What the task asks —
Among the entries below, copy every line that carries the word "count".

Records from a data collection
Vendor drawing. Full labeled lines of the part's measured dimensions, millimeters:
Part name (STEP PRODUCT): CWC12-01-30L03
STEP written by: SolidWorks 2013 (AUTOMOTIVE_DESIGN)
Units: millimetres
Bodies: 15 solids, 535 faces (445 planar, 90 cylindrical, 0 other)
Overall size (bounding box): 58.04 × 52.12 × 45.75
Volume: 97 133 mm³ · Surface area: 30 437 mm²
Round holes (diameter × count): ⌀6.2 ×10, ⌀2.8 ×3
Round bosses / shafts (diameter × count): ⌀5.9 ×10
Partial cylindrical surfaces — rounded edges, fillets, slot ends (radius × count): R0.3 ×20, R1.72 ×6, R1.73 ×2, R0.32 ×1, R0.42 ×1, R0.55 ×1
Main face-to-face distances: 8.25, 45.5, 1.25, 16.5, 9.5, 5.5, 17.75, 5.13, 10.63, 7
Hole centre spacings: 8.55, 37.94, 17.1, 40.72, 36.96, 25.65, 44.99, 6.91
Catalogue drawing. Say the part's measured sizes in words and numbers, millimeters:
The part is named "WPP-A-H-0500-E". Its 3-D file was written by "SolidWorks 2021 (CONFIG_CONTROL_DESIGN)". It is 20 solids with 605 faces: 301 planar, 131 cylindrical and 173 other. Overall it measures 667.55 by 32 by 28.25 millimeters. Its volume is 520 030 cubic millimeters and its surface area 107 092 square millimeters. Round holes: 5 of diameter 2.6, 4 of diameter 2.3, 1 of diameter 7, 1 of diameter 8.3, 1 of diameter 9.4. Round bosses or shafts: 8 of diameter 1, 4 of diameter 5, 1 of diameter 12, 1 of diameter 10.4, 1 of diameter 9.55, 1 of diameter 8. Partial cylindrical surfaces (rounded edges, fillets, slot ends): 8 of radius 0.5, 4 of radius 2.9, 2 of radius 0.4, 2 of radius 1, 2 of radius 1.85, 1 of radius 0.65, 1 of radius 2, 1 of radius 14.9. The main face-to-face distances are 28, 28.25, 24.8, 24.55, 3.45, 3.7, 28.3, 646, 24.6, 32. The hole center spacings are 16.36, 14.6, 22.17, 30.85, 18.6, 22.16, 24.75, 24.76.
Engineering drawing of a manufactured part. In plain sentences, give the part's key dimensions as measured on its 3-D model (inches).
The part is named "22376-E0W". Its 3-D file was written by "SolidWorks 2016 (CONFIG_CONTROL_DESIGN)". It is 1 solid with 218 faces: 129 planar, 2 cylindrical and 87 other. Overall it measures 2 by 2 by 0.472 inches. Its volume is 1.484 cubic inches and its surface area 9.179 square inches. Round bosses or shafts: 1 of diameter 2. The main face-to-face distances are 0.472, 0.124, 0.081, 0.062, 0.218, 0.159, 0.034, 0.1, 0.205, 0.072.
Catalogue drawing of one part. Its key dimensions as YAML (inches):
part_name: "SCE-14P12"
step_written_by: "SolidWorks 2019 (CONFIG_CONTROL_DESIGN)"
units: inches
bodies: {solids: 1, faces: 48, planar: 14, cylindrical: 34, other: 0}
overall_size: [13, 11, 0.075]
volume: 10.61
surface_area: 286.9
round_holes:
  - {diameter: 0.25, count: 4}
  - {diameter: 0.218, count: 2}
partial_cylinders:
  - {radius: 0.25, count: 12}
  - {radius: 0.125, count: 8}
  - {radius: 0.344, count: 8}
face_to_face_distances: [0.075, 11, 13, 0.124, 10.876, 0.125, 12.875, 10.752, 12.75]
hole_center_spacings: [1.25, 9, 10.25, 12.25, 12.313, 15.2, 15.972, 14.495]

Task solution —
Round holes (diameter × count): ⌀6.2 ×10, ⌀2.8 ×3
Round bosses / shafts (diameter × count): ⌀5.9 ×10
Partial cylindrical surfaces — rounded edges, fillets, slot ends (radius × count): R0.3 ×20, R1.72 ×6, R1.73 ×2, R0.32 ×1, R0.42 ×1, R0.55 ×1
  - {diameter: 0.25, count: 4}
  - {diameter: 0.218, count: 2}
  - {radius: 0.25, count: 12}
  - {radius: 0.125, count: 8}
  - {radius: 0.344, count: 8}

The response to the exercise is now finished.